In [1]:
import logging
import numpy as np
import pandas as pd

from validata.parser import Parser
from validata.validator import Validator

from validata.operators import Operator
from validata.comparators import Comparator

%load_ext autoreload
%autoreload 2

In [2]:
# Enable to see what is going on under the hood
# logging.basicConfig(level=logging.DEBUG)

## Create some data

In [3]:
households = pd.DataFrame({
    "id": np.arange(10),
    "size": [1, 1, 1, 1, 2, 2, 2, 2, 3, 4],
    "income_1": [35e3, 55e3, 110e3, None, 40e3, 42e3, 73e3, 38e3, None, 57e3],
    "income_2": [None, None,  None, None, 35e3, 22e3, None, 30e3, None, 45e3],
})

households

Unnamed: 0,id,size,income_1,income_2
0,0,1,35000.0,
1,1,1,55000.0,
2,2,1,110000.0,
3,3,1,,
4,4,2,40000.0,35000.0
5,5,2,42000.0,22000.0
6,6,2,73000.0,
7,7,2,38000.0,30000.0
8,8,3,,
9,9,4,57000.0,45000.0


## Performing a single validation

Validata lets you perform validations on each record in the data set. In the simplest form, a validation is formulated as a single logical condition, for example:

```
income_1 < 50000
```

In this example, `income_1` is a column in a data set. The `<` sign is a comparison operator (aka Comparator) and `50000` the value to compare against. The general form for a validation thus is:

```
<column name> <comparison operator> <value>
```

The `Parser` class allows you to perform a single validation, as is demonstrated below:

In [4]:
# Create a Parser and supply it with a validation
ps = Parser("income_1 < 50000", "check_income_below_50K")

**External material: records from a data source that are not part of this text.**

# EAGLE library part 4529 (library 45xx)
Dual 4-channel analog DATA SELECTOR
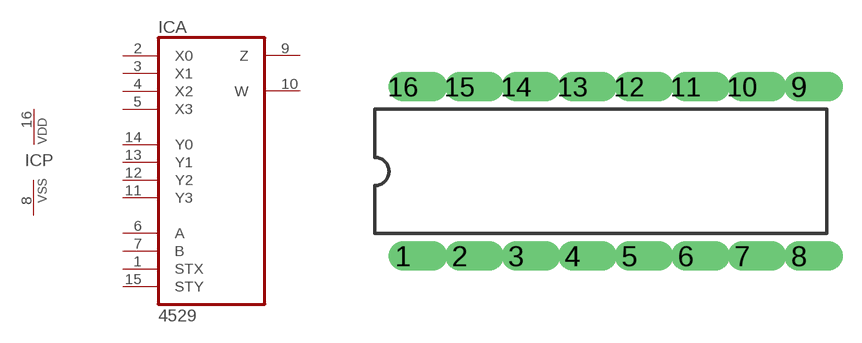
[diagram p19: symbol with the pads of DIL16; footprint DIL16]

Designator prefix IC; gates A=4529 P=PWRN

## 4529N  [DIL16]
1  A:STX  in
2  A:X0  in
3  A:X1  in
4  A:X2  in
5  A:X3  in
6  A:A  in
7  A:B  in
8  P:VSS  pwr
9  A:Z  hiz
10  A:W  hiz
11  A:Y3  in
12  A:Y2  in
13  A:Y1  in
14  A:Y0  in
15  A:STY  in
16  P:VDD  pwr

## Footprint DIL16 (pad centres in mm)
Dual In Line
drill 0.813 offset: 1 -8.89,-3.81; 2 -6.35,-3.81; 3 -3.81,-3.81; 4 -1.27,-3.81; 5 1.27,-3.81; 6 3.81,-3.81; 7 6.35,-3.81; 8 8.89,-3.81; 9 8.89,3.81; 10 6.35,3.81; 11 3.81,3.81; 12 1.27,3.81; 13 -1.27,3.81; 14 -3.81,3.81; 15 -6.35,3.81; 16 -8.89,3.81
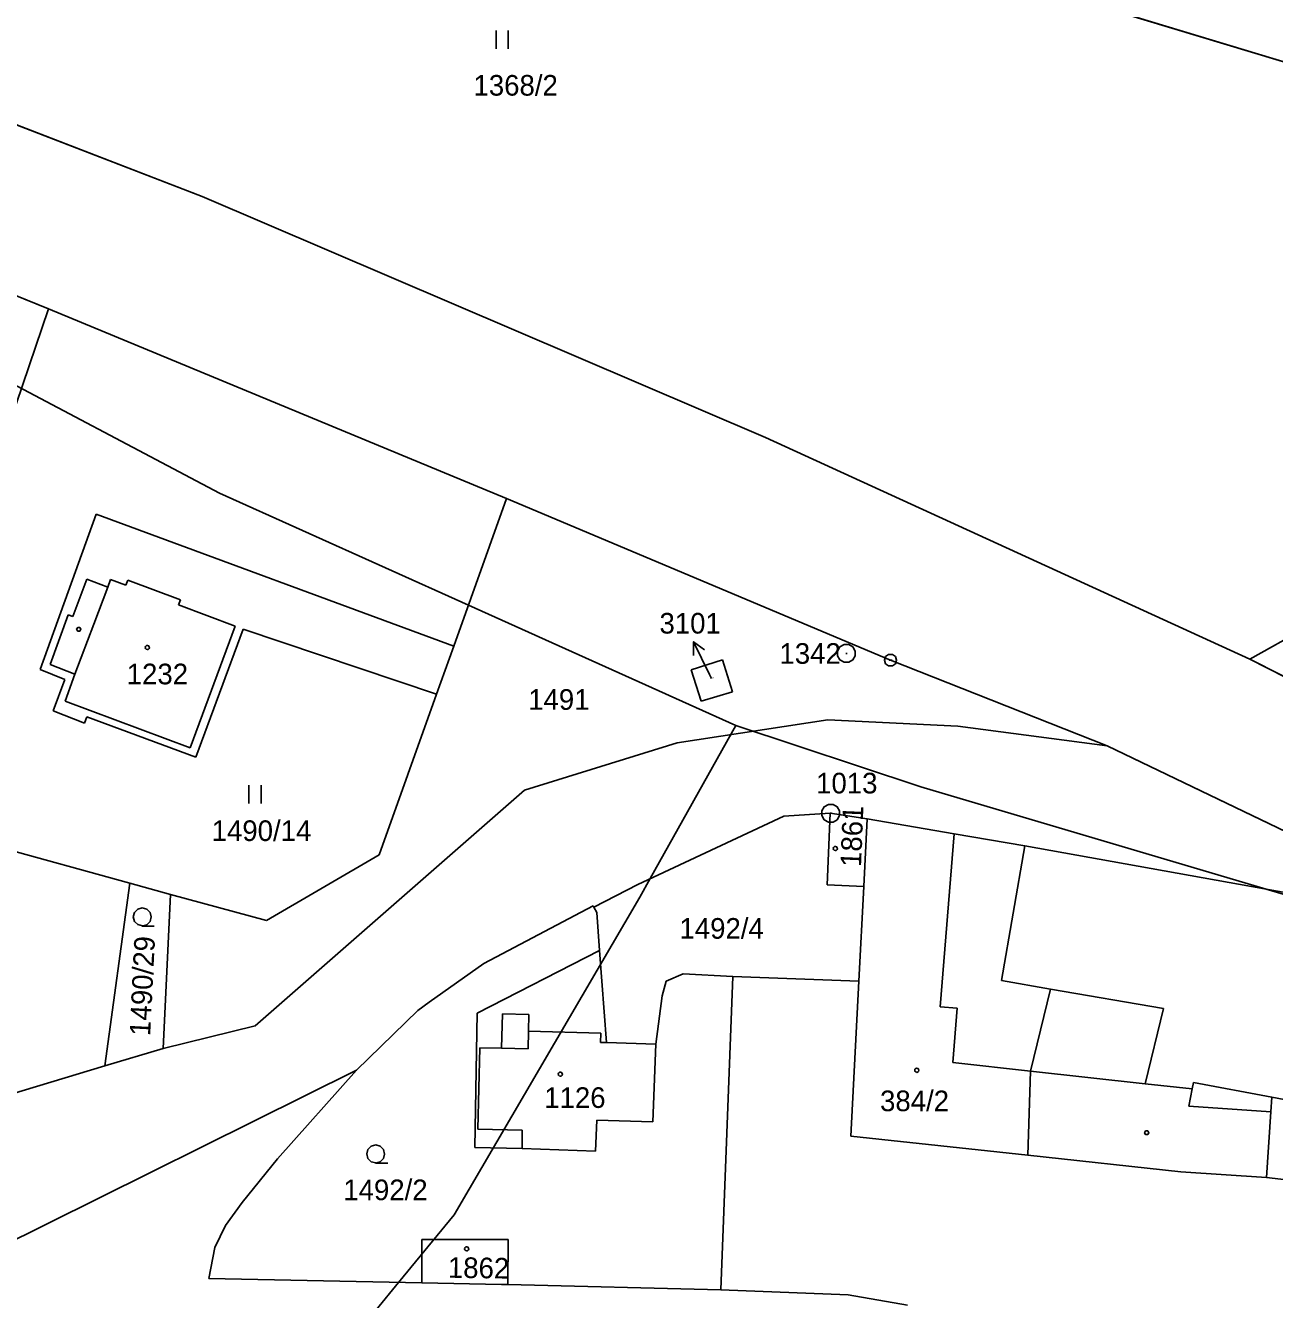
# Model space of a CAD drawing. Extents: x -779618 to -776429, y -1144546 to -1143350.
# Drawn here: x -777476.8 to -777373.9, y -1143853.5 to -1143748.5 of the extents above; entities that cross this region are included whole.
import ezdxf

# ---------------------------------------------------------------- set-up
doc = ezdxf.new("R2010")
doc.units = 0
for name, color, linetype in [('1', 7, 'Continuous'), ('11', 7, 'Continuous'), ('12', 7, 'Continuous'), ('2', 7, 'Continuous'), ('3', 7, 'Continuous'), ('4', 7, 'Continuous'), ('5', 7, 'Continuous'), ('7', 7, 'Continuous'), ('8', 7, 'Continuous')]:
    doc.layers.add(name, color=color, linetype=linetype)

msp = doc.modelspace()

# ---------------------------------------------------------------- linework, layer by layer
at = {"layer": '1'}
for p, q in [((-777547.63, -1143698.79), (-777364.95, -1143754.01)), ((-777556.08, -1143726.43), (-777462.27, -1143762.62)), ((-777415.86, -1143782.49), (-777462.27, -1143762.62)), ((-777494.83, -1143763.84), (-777474.95, -1143771.88)), ((-777487.19, -1143807.86), (-777474.95, -1143771.88)), ((-777437.2, -1143787.51), (-777474.95, -1143771.88)), ((-777375.94, -1143800.75), (-777415.86, -1143782.49)), ((-777375.94, -1143800.75), (-777349.24, -1143785.82)), ((-777441.55, -1143799.67), (-777437.2, -1143787.51)), ((-777405.54, -1143800.83), (-777437.2, -1143787.51)), ((-777471.01, -1143788.8), (-777475.63, -1143801.6)), ((-777441.55, -1143799.67), (-777471.01, -1143788.8)), ((-777462.81, -1143808.82), (-777458.9, -1143798.28)), ((-777458.9, -1143798.28), (-777442.96, -1143803.61)), ((-777442.96, -1143803.61), (-777441.55, -1143799.67)), ((-777421.98, -1143801.63), (-777419.39, -1143800.8)), ((-777419.39, -1143800.8), (-777418.56, -1143803.42)), ((-777387.68, -1143807.89), (-777405.54, -1143800.83)), ((-777334.23, -1143821.79), (-777375.94, -1143800.75)), ((-777475.63, -1143801.6), (-777473.61, -1143802.41)), ((-777421.16, -1143804.21), (-777421.98, -1143801.63)), ((-777473.61, -1143802.41), (-777474.56, -1143805)), ((-777447.69, -1143816.85), (-777442.96, -1143803.61)), ((-777418.56, -1143803.42), (-777421.16, -1143804.21)), ((-777474.56, -1143805), (-777471.98, -1143806.02)), ((-777471.98, -1143806.02), (-777471.78, -1143805.5)), ((-777471.78, -1143805.5), (-777462.81, -1143808.82)), ((-777423.12, -1143807.62), (-777410.71, -1143805.75)), ((-777410.71, -1143805.75), (-777400, -1143806.27)), ((-777400, -1143806.27), (-777387.68, -1143807.89)), ((-777435.72, -1143811.54), (-777423.12, -1143807.62)), ((-777356.13, -1143823.03), (-777387.68, -1143807.89)), ((-777457.92, -1143830.94), (-777435.72, -1143811.54)), ((-777489.08, -1143813.43), (-777468.25, -1143819.2)), ((-777410.51, -1143813.42), (-777414.33, -1143813.66)), ((-777410.76, -1143819.32), (-777410.51, -1143813.42)), ((-777407.46, -1143813.89), (-777410.51, -1143813.42)), ((-777414.33, -1143813.66), (-777426.36, -1143819.29)), ((-777407.75, -1143819.47), (-777407.46, -1143813.89)), ((-777400.29, -1143815.13), (-777407.46, -1143813.89)), ((-777394.47, -1143816.13), (-777400.29, -1143815.13)), ((-777394.47, -1143816.13), (-777396.39, -1143827.22)), ((-777369.47, -1143820.6), (-777394.47, -1143816.13)), ((-777456.98, -1143822.28), (-777447.69, -1143816.85)), ((-777468.25, -1143819.2), (-777470.29, -1143834.25)), ((-777468.25, -1143819.2), (-777464.88, -1143820.14)), ((-777430, -1143821.16), (-777426.36, -1143819.29)), ((-777407.75, -1143819.47), (-777410.76, -1143819.32)), ((-777408.15, -1143827.26), (-777407.75, -1143819.47)), ((-777464.88, -1143820.14), (-777465.49, -1143832.81)), ((-777464.88, -1143820.14), (-777456.98, -1143822.28)), ((-777430.05, -1143821.07), (-777439.06, -1143825.81)), ((-777430, -1143821.16), (-777430.05, -1143821.07)), ((-777430, -1143821.16), (-777429.76, -1143821.62)), ((-777429.52, -1143824.74), (-777429.76, -1143821.62)), ((-777429.52, -1143824.74), (-777439.62, -1143829.91)), ((-777429.52, -1143824.74), (-777428.95, -1143832.33)), ((-777439.06, -1143825.81), (-777443.57, -1143828.99)), ((-777422.63, -1143826.67), (-777424.04, -1143827.28)), ((-777418.55, -1143826.88), (-777422.63, -1143826.67)), ((-777419.52, -1143852.7), (-777418.55, -1143826.88)), ((-777408.15, -1143827.26), (-777418.55, -1143826.88)), ((-777396.39, -1143827.22), (-777392.36, -1143827.92)), ((-777424.04, -1143827.28), (-777424.38, -1143828.48)), ((-777408.15, -1143827.26), (-777408.81, -1143840.04)), ((-777392.36, -1143827.92), (-777394, -1143834.68)), ((-777443.57, -1143828.99), (-777444.5, -1143829.67)), ((-777424.9, -1143832.45), (-777424.38, -1143828.48)), ((-777444.5, -1143829.67), (-777449.55, -1143834.59)), ((-777439.81, -1143840.98), (-777439.62, -1143829.91)), ((-777465.49, -1143832.81), (-777457.92, -1143830.94)), ((-777428.95, -1143832.33), (-777424.9, -1143832.45)), ((-777424.9, -1143832.45), (-777425.13, -1143838.85)), ((-777465.49, -1143832.81), (-777470.29, -1143834.25)), ((-777470.29, -1143834.25), (-777506.15, -1143845.05)), ((-777449.55, -1143834.59), (-777486.78, -1143853.07)), ((-777449.55, -1143834.59), (-777456.06, -1143841.9)), ((-777394, -1143834.68), (-777394.22, -1143841.61)), ((-777374.13, -1143836.83), (-777374.21, -1143838.03)), ((-777347.87, -1143841.8), (-777374.13, -1143836.83)), ((-777429.76, -1143838.71), (-777429.86, -1143841.27)), ((-777425.13, -1143838.85), (-777429.76, -1143838.71)), ((-777374.21, -1143838.03), (-777374.57, -1143843.43)), ((-777394.22, -1143841.61), (-777408.81, -1143840.04)), ((-777456.06, -1143841.9), (-777458.98, -1143845.51)), ((-777435.91, -1143841.04), (-777439.81, -1143840.98)), ((-777429.86, -1143841.27), (-777435.91, -1143841.04)), ((-777381.61, -1143842.97), (-777394.22, -1143841.61)), ((-777374.57, -1143843.43), (-777381.61, -1143842.97)), ((-777374.57, -1143843.43), (-777344.36, -1143847.04)), ((-777458.98, -1143845.51), (-777460.37, -1143847.4)), ((-777460.37, -1143847.4), (-777461.25, -1143849.21)), ((-777461.25, -1143849.21), (-777461.74, -1143851.77)), ((-777444.18, -1143852.13), (-777444.17, -1143848.54)), ((-777444.17, -1143848.54), (-777437.07, -1143848.56)), ((-777437.07, -1143848.56), (-777437.09, -1143852.27)), ((-777461.74, -1143851.77), (-777444.18, -1143852.13)), ((-777444.18, -1143852.13), (-777437.61, -1143852.26)), ((-777437.61, -1143852.26), (-777437.09, -1143852.27)), ((-777437.09, -1143852.27), (-777419.52, -1143852.7)), ((-777409.04, -1143853.1), (-777419.52, -1143852.7)), ((-777404.16, -1143853.96), (-777409.04, -1143853.1))]:
    msp.add_line(p, q, dxfattribs=at)
at = {"layer": '11'}
for points in [[(-777547.63, -1143698.79), (-777364.95, -1143754.01), (-777362.08, -1143759.74), (-777358.14, -1143760.61), (-777354.56, -1143760.13), (-777348.72, -1143768.82), (-777340.59, -1143770.61), (-777339.43, -1143766.44), (-777335.02, -1143764.48), (-777321.99, -1143767.59), (-777306.65, -1143771.6), (-777305.36, -1143768.26), (-777286.39, -1143773.98), (-777252.03, -1143784.34), (-777238.03, -1143787.25), (-777223.03, -1143791.52), (-777208.67, -1143795.71)], [(-777215.44, -1143846.33), (-777291.06, -1143838.91), (-777294.79, -1143837.91), (-777307.07, -1143834.06), (-777326.59, -1143824.61), (-777334.23, -1143821.79), (-777375.94, -1143800.75), (-777415.86, -1143782.49), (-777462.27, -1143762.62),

# Perform the validation on the households data set
households.join(ps.evaluate(households))

Unnamed: 0,id,size,income_1,income_2,check_income_below_50K
0,0,1,35000.0,,True
1,1,1,55000.0,,False
2,2,1,110000.0,,False
3,3,1,,,False
4,4,2,40000.0,35000.0,True
5,5,2,42000.0,22000.0,True
6,6,2,73000.0,,False
7,7,2,38000.0,30000.0,True
8,8,3,,,False
9,9,4,57000.0,45000.0,False


As you can see, the `Parser` applied the logical validation to each row of the `households` data set. It returned `True` for all rows with `income_1` smaller than `30000` and `False` otherwise.

To see which other types of comparisons are available, use the `list()` method of the `Comparator` base class like so:

In [5]:
# Show which comparison operators are available
Comparator.list()

{'!=', '<', '<=', '==', '>', '>=', 'between', 'in', 'missing', 'not missing'}

### Combining Validations

The `Parser` also allows you to combine validation checks using `and` or `or`. When `and` is used both the left hand and the right hand condition need to be `True` for the entire validation to be `True`. With `or` only one condition needs to be `True`. Some simple examples:

In [6]:
# Both income columns larger than 50.000
both_incomes_high = "income_1 > 50000 and income_2 > 50000"

# Either income is above 50.000
one_income_high = "income_1 > 50000 or income_2 > 50000"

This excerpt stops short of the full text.